* WORK REQUEST *
Only lines with the string "things" should be returned from the data below.

++++++++++

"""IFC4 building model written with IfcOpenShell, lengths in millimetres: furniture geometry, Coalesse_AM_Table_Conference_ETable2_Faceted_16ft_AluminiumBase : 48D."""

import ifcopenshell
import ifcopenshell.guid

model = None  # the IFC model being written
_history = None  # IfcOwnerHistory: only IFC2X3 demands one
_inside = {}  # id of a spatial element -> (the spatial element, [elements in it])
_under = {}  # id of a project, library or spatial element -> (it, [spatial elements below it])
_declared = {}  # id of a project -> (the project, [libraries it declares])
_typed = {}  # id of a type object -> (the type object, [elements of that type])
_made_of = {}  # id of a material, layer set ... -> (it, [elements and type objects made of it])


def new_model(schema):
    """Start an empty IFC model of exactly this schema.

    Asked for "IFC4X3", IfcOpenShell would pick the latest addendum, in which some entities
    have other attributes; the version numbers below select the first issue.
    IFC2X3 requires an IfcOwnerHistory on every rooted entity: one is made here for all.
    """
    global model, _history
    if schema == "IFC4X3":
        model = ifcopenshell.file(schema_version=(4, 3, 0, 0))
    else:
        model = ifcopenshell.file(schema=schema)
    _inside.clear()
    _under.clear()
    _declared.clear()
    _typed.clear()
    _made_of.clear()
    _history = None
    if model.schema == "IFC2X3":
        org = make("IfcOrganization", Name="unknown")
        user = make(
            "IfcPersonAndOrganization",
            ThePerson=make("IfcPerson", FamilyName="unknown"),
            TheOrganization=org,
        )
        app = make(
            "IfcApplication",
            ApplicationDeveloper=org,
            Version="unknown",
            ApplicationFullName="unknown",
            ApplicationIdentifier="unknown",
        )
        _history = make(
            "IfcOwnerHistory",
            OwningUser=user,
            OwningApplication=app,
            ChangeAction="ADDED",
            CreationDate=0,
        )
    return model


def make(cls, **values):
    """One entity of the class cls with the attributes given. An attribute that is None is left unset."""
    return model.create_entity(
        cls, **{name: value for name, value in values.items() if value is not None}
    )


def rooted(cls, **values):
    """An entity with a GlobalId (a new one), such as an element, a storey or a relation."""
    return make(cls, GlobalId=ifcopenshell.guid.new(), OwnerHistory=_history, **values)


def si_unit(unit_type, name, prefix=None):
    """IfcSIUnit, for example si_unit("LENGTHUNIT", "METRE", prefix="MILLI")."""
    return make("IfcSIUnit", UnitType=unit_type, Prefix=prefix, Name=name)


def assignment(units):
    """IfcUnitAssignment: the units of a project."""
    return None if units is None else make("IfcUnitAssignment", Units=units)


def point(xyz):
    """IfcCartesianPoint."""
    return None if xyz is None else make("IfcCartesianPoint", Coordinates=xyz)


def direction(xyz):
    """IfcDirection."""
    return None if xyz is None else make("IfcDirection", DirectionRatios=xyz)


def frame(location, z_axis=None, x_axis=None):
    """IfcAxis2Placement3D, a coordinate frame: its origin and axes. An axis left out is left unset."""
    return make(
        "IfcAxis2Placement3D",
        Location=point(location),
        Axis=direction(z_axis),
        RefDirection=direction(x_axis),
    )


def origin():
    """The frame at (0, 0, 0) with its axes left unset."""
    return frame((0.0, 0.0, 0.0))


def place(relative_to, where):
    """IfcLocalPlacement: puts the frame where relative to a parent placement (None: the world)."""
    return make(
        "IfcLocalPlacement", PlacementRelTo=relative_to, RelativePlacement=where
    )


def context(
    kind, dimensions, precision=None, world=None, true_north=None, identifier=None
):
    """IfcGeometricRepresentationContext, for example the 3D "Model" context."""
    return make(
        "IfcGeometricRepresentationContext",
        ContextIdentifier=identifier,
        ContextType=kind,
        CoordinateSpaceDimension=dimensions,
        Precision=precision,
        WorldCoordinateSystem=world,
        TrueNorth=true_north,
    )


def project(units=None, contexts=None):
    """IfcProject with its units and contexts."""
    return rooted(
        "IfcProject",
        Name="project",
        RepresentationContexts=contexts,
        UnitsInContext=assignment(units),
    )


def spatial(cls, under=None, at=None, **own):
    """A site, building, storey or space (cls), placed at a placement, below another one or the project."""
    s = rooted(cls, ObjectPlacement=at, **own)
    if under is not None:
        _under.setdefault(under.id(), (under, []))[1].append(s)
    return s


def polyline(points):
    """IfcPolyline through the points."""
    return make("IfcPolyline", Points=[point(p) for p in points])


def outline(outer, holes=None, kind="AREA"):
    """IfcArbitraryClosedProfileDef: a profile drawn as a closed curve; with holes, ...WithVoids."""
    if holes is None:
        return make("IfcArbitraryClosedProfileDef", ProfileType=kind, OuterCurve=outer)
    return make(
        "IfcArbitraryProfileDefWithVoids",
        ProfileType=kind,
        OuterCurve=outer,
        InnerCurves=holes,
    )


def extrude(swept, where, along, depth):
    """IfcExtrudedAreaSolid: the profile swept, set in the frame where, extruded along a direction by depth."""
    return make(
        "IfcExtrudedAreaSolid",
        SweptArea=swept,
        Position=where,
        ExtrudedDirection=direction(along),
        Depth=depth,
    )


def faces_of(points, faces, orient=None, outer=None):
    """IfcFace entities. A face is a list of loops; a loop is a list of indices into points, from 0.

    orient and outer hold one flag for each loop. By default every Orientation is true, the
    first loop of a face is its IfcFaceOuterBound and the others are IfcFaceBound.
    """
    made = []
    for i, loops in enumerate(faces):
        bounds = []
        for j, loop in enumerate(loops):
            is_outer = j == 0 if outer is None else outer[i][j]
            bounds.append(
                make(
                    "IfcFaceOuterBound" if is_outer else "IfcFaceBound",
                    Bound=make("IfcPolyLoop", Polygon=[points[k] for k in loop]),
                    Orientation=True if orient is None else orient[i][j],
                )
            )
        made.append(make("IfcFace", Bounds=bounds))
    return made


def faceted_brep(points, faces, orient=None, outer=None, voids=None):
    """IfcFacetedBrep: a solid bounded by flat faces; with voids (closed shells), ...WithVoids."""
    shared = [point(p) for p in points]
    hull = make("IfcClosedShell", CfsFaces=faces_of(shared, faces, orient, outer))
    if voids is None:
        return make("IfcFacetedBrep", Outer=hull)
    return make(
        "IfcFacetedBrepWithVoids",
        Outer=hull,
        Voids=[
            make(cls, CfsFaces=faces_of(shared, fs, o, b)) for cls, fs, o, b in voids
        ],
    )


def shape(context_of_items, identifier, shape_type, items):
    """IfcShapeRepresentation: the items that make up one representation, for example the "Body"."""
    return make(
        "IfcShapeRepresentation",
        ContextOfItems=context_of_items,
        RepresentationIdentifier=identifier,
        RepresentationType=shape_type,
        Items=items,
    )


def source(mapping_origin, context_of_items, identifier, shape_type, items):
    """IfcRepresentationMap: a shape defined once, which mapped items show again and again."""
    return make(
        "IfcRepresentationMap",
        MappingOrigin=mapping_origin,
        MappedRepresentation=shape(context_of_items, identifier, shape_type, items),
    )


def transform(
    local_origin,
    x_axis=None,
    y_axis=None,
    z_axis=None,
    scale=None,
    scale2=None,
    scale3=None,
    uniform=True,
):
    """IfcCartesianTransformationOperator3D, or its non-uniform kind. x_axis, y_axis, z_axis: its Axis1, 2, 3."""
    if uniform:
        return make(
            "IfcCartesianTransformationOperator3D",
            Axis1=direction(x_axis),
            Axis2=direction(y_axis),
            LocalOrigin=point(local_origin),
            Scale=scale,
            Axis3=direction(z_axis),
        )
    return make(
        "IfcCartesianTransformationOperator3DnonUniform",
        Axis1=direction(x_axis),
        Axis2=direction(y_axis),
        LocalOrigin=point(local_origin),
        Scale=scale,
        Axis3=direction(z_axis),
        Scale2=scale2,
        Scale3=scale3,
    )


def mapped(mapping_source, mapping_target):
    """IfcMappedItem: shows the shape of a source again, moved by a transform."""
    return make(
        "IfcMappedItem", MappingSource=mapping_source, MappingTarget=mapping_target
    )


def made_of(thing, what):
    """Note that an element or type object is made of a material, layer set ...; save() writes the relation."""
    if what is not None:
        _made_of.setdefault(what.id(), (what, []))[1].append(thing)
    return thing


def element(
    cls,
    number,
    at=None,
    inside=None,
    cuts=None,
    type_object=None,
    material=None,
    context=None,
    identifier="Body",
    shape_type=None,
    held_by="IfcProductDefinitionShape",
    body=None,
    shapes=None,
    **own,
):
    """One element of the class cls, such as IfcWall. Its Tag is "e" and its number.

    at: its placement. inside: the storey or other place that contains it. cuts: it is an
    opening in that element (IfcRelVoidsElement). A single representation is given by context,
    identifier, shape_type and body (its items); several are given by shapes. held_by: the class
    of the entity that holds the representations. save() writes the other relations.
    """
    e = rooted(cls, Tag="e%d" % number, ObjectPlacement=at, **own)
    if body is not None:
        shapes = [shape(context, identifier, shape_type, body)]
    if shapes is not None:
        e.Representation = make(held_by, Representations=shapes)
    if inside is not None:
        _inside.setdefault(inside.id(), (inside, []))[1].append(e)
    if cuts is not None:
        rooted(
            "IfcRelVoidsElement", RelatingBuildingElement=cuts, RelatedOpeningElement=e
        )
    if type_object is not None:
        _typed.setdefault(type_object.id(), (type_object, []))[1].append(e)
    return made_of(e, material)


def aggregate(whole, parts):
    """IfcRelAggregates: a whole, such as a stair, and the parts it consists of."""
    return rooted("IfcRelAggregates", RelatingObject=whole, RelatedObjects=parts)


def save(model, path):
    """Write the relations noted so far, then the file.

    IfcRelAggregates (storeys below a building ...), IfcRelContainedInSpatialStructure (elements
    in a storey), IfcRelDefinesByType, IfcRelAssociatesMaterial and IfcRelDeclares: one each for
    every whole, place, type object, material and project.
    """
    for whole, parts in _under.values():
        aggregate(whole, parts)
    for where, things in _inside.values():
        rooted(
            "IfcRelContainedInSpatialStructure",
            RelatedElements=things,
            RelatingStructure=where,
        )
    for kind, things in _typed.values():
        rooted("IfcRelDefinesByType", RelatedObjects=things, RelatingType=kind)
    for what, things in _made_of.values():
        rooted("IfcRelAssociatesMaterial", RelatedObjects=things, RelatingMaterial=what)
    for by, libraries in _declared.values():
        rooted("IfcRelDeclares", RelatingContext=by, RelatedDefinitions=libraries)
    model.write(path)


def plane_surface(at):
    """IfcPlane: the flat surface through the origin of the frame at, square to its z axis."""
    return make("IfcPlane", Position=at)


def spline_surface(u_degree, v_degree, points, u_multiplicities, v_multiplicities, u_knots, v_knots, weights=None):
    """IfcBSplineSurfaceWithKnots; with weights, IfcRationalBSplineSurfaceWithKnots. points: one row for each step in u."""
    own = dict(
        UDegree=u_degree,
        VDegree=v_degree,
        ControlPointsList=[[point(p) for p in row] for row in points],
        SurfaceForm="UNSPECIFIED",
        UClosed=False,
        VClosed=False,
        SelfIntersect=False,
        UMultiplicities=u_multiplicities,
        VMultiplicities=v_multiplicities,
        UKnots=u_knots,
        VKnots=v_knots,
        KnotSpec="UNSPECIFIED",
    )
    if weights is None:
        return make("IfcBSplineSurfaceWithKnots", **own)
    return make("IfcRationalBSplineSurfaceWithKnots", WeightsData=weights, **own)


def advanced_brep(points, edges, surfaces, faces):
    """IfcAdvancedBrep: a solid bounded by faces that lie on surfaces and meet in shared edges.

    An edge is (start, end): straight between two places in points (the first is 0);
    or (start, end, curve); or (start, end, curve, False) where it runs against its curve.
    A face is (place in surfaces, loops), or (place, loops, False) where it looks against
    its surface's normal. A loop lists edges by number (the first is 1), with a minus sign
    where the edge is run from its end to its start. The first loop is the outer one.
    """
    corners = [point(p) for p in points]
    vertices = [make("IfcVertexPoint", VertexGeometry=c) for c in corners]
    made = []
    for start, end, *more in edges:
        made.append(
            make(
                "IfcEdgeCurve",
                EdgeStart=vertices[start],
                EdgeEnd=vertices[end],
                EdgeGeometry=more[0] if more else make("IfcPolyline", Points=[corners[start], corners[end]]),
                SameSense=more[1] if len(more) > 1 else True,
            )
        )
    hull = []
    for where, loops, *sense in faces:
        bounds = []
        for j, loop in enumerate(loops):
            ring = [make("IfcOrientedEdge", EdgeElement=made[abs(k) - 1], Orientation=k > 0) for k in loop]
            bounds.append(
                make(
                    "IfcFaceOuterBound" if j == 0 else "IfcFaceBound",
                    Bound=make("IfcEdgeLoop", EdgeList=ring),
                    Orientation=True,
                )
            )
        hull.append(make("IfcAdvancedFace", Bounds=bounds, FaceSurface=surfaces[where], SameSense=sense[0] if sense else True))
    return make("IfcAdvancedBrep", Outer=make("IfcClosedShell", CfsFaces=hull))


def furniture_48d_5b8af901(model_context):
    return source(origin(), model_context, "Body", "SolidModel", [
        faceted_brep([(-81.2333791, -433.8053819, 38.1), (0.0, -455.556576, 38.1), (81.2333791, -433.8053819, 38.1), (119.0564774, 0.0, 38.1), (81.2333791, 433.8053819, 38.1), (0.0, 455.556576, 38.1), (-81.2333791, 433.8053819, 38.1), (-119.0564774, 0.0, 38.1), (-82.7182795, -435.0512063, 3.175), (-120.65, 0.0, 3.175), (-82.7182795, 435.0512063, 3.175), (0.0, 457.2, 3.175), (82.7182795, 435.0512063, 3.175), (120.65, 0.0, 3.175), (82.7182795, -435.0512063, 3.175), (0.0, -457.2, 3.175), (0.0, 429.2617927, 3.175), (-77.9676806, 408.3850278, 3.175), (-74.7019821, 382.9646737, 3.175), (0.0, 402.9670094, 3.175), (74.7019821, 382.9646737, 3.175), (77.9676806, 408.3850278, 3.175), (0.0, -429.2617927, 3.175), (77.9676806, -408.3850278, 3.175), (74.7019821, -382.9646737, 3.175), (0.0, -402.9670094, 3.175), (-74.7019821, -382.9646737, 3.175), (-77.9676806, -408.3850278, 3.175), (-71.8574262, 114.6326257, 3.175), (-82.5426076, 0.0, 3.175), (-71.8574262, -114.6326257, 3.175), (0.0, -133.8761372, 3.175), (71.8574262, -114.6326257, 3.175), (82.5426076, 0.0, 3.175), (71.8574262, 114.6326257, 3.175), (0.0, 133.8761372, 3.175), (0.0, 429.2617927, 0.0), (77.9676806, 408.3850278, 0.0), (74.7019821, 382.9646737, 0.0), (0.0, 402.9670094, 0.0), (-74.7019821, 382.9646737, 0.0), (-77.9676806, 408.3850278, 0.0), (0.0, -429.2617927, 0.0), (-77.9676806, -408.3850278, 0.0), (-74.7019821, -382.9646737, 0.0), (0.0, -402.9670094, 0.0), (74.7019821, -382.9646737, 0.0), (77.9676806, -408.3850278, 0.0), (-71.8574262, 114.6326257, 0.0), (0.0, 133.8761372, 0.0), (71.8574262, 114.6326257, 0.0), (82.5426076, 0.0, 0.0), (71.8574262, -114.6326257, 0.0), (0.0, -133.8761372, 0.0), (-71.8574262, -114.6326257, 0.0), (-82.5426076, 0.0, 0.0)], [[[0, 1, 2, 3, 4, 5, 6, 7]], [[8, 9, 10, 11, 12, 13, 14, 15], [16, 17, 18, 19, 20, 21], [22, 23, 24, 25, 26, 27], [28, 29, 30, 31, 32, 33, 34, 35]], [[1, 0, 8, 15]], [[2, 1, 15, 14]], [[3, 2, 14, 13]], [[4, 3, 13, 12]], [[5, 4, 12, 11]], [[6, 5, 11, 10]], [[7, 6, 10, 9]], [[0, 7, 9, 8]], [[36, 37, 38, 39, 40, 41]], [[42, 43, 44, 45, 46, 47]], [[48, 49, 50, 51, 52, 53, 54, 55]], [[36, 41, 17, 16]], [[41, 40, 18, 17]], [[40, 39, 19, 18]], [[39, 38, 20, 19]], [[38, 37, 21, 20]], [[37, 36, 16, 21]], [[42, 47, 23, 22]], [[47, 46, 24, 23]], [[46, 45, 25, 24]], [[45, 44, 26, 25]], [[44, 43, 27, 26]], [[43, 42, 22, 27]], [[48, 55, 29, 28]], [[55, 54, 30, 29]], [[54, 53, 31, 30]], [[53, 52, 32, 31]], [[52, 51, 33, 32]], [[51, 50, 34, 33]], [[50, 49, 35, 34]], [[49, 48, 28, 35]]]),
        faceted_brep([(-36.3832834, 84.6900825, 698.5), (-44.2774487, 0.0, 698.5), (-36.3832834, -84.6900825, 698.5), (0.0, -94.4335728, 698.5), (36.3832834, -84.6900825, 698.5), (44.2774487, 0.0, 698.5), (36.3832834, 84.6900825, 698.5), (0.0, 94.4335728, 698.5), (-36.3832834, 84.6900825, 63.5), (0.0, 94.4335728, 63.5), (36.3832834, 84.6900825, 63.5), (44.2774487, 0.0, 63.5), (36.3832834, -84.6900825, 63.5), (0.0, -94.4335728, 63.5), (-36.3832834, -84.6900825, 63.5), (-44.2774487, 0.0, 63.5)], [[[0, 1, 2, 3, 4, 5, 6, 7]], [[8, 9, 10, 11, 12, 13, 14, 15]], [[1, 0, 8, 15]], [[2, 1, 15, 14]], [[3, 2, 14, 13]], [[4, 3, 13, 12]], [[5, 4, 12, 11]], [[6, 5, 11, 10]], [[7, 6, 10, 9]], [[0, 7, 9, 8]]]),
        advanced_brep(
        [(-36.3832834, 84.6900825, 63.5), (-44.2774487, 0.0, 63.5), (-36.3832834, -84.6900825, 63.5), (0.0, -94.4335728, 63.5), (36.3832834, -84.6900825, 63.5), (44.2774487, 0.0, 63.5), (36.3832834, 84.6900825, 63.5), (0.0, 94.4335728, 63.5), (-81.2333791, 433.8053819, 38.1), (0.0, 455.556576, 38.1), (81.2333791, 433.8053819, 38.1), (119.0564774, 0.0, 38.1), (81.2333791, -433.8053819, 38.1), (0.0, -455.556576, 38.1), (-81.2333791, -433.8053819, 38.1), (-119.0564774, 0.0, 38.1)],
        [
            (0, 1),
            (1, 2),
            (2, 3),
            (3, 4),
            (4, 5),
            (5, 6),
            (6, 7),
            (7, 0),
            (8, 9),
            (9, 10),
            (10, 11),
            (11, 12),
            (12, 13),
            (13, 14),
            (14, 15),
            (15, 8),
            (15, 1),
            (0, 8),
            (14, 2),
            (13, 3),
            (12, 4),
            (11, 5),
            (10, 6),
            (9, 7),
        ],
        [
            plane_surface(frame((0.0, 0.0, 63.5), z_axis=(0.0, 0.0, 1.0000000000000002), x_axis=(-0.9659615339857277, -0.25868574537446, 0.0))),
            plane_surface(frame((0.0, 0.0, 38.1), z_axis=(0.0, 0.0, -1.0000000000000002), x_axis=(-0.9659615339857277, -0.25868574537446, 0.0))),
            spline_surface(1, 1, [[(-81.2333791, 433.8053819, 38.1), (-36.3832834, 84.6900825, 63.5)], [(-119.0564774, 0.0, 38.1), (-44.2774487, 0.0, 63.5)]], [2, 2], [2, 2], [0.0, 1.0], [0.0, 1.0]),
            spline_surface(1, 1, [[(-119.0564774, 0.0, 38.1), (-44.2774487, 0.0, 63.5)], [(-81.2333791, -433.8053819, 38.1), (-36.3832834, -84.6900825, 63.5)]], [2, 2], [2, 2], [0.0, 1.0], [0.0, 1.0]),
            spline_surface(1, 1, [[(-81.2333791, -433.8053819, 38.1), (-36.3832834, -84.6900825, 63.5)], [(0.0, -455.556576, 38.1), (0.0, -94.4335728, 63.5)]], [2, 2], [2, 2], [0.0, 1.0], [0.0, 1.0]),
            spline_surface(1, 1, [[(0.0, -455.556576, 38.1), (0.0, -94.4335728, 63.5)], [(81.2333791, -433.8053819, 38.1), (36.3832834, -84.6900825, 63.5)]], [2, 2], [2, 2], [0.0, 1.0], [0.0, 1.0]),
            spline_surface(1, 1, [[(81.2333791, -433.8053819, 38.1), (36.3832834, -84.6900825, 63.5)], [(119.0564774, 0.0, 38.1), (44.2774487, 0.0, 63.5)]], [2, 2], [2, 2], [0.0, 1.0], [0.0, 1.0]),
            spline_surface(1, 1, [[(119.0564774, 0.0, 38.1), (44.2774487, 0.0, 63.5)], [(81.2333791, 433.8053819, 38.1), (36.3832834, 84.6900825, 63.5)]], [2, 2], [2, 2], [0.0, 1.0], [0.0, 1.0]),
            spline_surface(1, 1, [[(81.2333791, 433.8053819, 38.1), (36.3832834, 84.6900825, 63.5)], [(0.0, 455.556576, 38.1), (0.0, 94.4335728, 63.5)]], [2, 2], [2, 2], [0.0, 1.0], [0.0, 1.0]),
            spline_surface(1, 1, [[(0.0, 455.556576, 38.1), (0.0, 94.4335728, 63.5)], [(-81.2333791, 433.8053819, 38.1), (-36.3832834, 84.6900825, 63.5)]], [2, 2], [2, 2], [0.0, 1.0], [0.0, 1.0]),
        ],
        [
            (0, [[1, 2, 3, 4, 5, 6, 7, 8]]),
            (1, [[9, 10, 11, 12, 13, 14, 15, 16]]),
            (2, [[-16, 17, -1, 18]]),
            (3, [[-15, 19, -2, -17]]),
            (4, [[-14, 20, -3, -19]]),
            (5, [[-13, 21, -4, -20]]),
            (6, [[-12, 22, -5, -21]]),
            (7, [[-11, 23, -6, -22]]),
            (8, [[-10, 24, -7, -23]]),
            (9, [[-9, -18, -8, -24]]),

++++++++++

* EXERCISE RESPONSE *
    for where, things in _inside.values():
            RelatedElements=things,
    for kind, things in _typed.values():
        rooted("IfcRelDefinesByType", RelatedObjects=things, RelatingType=kind)
    for what, things in _made_of.values():
        rooted("IfcRelAssociatesMaterial", RelatedObjects=things, RelatingMaterial=what)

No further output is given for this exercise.